== EXERCISE AIM ==
Exact copy, pictures excluded: output the lines from the opening of the entries through the line bearing "from ifc_helpers import".

START INPUT DATA

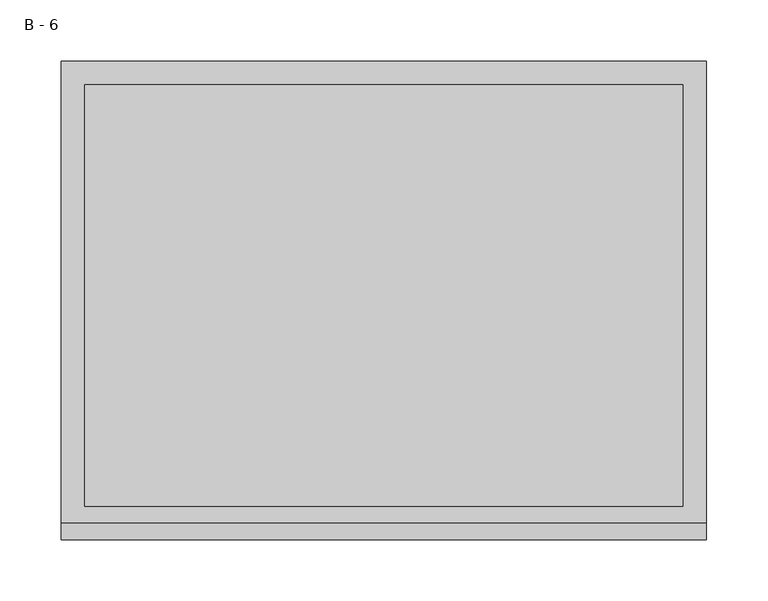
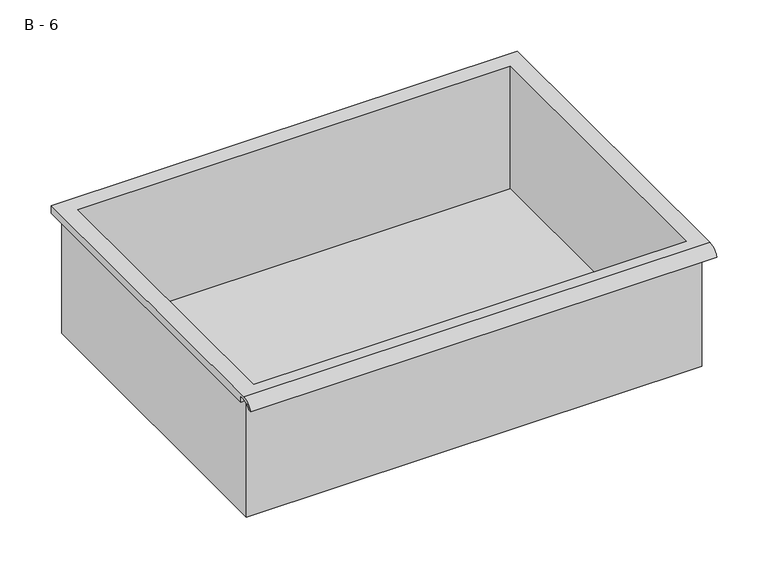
"""IFC4 building model written with IfcOpenShell, lengths in millimetres: furniture geometry, HermanMiller_CoStruc_CO207_Drawer : B - 6."""

from ifc_helpers import new_model, si_unit, frame, origin, place, context, project, spatial, polyline, circle_curve, source, transform, mapped, element, save
from ifc_brep_helpers import plane_surface, cylinder_surface, revolved_surface, advanced_brep


def b_6_5c61f839(model_context):
    return source(origin(), model_context, "Body", "AdvancedBrep", [
        advanced_brep(
        [(-257.1076517, -176.2125, 1155.7), (257.2423483, -176.2125, 1155.7), (257.2423483, -176.2125, 1295.4), (263.5923483, -176.2125, 1295.4), (263.5923483, -176.2125, 1301.7071341), (-263.4576517, -176.2125, 1301.7071341), (-263.4576517, -176.2125, 1295.4), (-257.1076517, -176.2125, 1295.4), (257.2423483, 185.7375, 1155.7), (-257.1076517, 185.7375, 1155.7), (-257.1076517, 185.7375, 1295.4), (257.2423483, 185.7375, 1295.4), (263.5923483, -181.6070544, 1304.925), (263.5923483, 195.2625, 1304.925), (-263.4576517, 195.2625, 1304.925), (-263.4576517, -181.6070544, 1304.925), (244.5423483, -168.275, 1304.925), (-244.4076517, -168.275, 1304.925), (-244.4076517, 176.2125, 1304.925), (244.5423483, 176.2125, 1304.925), (263.5923483, -195.2625, 1295.4), (263.5923483, -191.8280601, 1295.4), (263.5923483, -180.4714815, 1301.7071341), (263.5923483, 195.2625, 1295.4), (-263.4576517, 195.2625, 1295.4), (-263.4576517, -180.4714815, 1301.7071341), (-263.4576517, -191.8280601, 1295.4), (-263.4576517, -195.2625, 1295.4), (-244.4076517, -168.275, 1158.7261719), (244.5423483, -168.275, 1158.7261719), (244.5423483, 176.2125, 1158.7261719), (-244.4076517, 176.2125, 1158.7261719)],
        [
            (0, 1),
            (1, 2),
            (2, 3),
            (3, 4),
            (4, 5),
            (5, 6),
            (6, 7),
            (7, 0),
            (8, 9),
            (9, 10),
            (10, 11),
            (11, 8),
            (0, 9),
            (8, 1),
            (11, 2),
            (12, 13),
            (13, 14),
            (14, 15),
            (15, 12),
            (16, 17),
            (17, 18),
            (18, 19),
            (19, 16),
            (7, 10),
            (12, 20, circle_curve(frame((263.5923483, -181.6070544, 1290.3739859), z_axis=(1.0, 0.0, 0.0), x_axis=(0.0, 1.0, 0.0)), 14.5510141)),
            (20, 21),
            (21, 22, circle_curve(frame((263.5923483, -181.6070544, 1290.3739859), z_axis=(-1.0, 0.0, 0.0), x_axis=(0.0, 1.0, 0.0)), 11.3898979)),
            (22, 4),
            (3, 23),
            (23, 13),
            (14, 24),
            (24, 6),
            (5, 25),
            (25, 26, circle_curve(frame((-263.4576517, -181.6070544, 1290.3739859), z_axis=(1.0, 0.0, 0.0), x_axis=(0.0, 1.0, 0.0)), 11.3898979)),
            (26, 27),
            (27, 15, circle_curve(frame((-263.4576517, -181.6070544, 1290.3739859), z_axis=(-1.0, 0.0, 0.0), x_axis=(0.0, 1.0, 0.0)), 14.5510141)),
            (27, 20),
            (26, 21),
            (25, 22),
            (24, 23),
            (28, 29),
            (29, 30),
            (30, 31),
            (31, 28),
            (28, 17),
            (16, 29),
            (19, 30),
            (18, 31),
        ],
        [
            plane_surface(frame((257.2423483, -176.2125, 1155.7), z_axis=(0.0, -1.0, 0.0), x_axis=(1.0, 0.0, 0.0))),
            plane_surface(frame((257.2423483, 185.7375, 1155.7), z_axis=(0.0, 1.0, 0.0), x_axis=(-1.0, 0.0, 0.0))),
            plane_surface(frame((-257.1076517, -176.2125, 1155.7), z_axis=(0.0, 0.0, -1.0), x_axis=(0.0, 1.0, 0.0))),
            plane_surface(frame((257.2423483, -176.2125, 1155.7), z_axis=(1.0, 0.0, 0.0), x_axis=(0.0, 1.0, 0.0))),
            plane_surface(frame((257.2423483, -176.2125, 1304.925), z_axis=(0.0, 0.0, 1.0), x_axis=(0.0, 1.0, 0.0))),
            plane_surface(frame((-257.1076517, -176.2125, 1304.925), z_axis=(-1.0, 0.0, 0.0), x_axis=(0.0, 1.0, 0.0))),
            plane_surface(frame((263.5923483, 195.2625, 1304.925), z_axis=(1.0, 0.0, 0.0), x_axis=(0.0, -1.0, 0.0))),
            plane_surface(frame((-263.4576517, 195.2625, 1304.925), z_axis=(-1.0, 0.0, 0.0), x_axis=(0.0, 1.0, 0.0))),
            cylinder_surface(frame((-263.4576517, -181.6070544, 1290.3739859), z_axis=(1.0, 0.0, 0.0), x_axis=(0.0, 1.0, 0.0)), 14.5510141),
            plane_surface(frame((263.5923483, -195.2625, 1295.4), z_axis=(0.0, -7.330645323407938e-12, -1.0), x_axis=(-1.0, 0.0, 0.0))),
            revolved_surface(polyline([(-263.4576517, -170.21715650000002, 1290.3739859), (263.59234829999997, -170.21715650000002, 1290.3739859)]), (-263.4576517, -181.6070544, 1290.3739859), (-1.0, 0.0, 0.0)),
            plane_surface(frame((263.5923483, -180.4714815, 1301.7071341), z_axis=(0.0, -1.805210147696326e-11, -1.0), x_axis=(-1.0, 0.0, 0.0))),
            plane_surface(frame((263.5923483, -176.2125, 1295.4), z_axis=(0.0, 0.0, -1.0), x_axis=(-1.0, 0.0, 0.0))),
            plane_surface(frame((263.5923483, 195.2625, 1295.4), z_axis=(0.0, 1.0, 0.0), x_axis=(-1.0, 0.0, 0.0))),
            plane_surface(frame((244.5423483, -168.275, 1158.7261719), z_axis=(0.0, 0.0, 1.0), x_axis=(-1.0, 0.0, 0.0))),
            plane_surface(frame((-244.4076517, -168.275, 1304.925), z_axis=(0.0, 1.0, 0.0), x_axis=(0.0, 0.0, -1.0))),
            plane_surface(frame((244.5423483, -168.275, 1304.925), z_axis=(-1.0, 0.0, 0.0), x_axis=(0.0, 0.0, -1.0))),
            plane_surface(frame((244.5423483, 176.2125, 1304.925), z_axis=(0.0, -1.0, 0.0), x_axis=(0.0, 0.0, -1.0))),
            plane_surface(frame((-244.4076517, 176.2125, 1304.925), z_axis=(1.0, 0.0, 0.0), x_axis=(0.0, 0.0, -1.0))),
        ],
        [
            (0, [[1, 2, 3, 4, 5, 6, 7, 8]]),
            (1, [[9, 10, 11, 12]]),
            (2, [[-1, 13, -9, 14]]),
            (3, [[-14, -12, 15, -2]]),
            (4, [[16, 17, 18, 19], [20, 21, 22, 23]]),
            (5, [[-13, -8, 24, -10]]),
            (6, [[-16, 25, 26, 27, 28, -4, 29, 30]]),
            (7, [[31, 32, -6, 33, 34, 35, 36, -18]]),
            (8, [[-25, -19, -36, 37]]),
            (9, [[-26, -37, -35, 38]]),
            (10, [[-27, -38, -34, 39]]),
            (11, [[-28, -39, -33, -5]]),
            (12, [[-29, -3, -15, -11, -24, -7, -32, 40]]),
            (13, [[-30, -40, -31, -17]]),
            (14, [[41, 42, 43, 44]]),
            (15, [[-41, 45, -20, 46]]),
            (16, [[-42, -46, -23, 47]]),
            (17, [[-43, -47, -22, 48]]),
            (18, [[-44, -48, -21, -45]]),
        ],
    ),
    ])


if __name__ == "__main__":
    model = new_model("IFC4")
    model_context = context("Model", 3, world=origin())
    ifc_project = project(units=[si_unit("LENGTHUNIT", "METRE", prefix="MILLI")], contexts=[model_context])
    site = spatial("IfcSite", under=ifc_project)
    building = spatial("IfcBuilding", under=site)
    placement = place(None, origin())
    b_6_shape = b_6_5c61f839(model_context)
    element("IfcFurniture", 1, ObjectType="HermanMiller_CoStruc_CO207_Drawer : B - 6", at=placement, inside=building, context=model_context, shape_type="MappedRepresentation", body=[
        mapped(b_6_shape, transform((0.0, 0.0, 0.0), x_axis=(1.0, 0.0, 0.0), y_axis=(0.0, 1.0, 0.0), z_axis=(0.0, 0.0, 1.0))),
    ])
    save(model, "model.ifc")

END INPUT DATA

== SOLUTION ==
"""IFC4 building model written with IfcOpenShell, lengths in millimetres: furniture geometry, HermanMiller_CoStruc_CO207_Drawer : B - 6."""

from ifc_helpers import new_model, si_unit, frame, origin, place, context, project, spatial, polyline, circle_curve, source, transform, mapped, element, save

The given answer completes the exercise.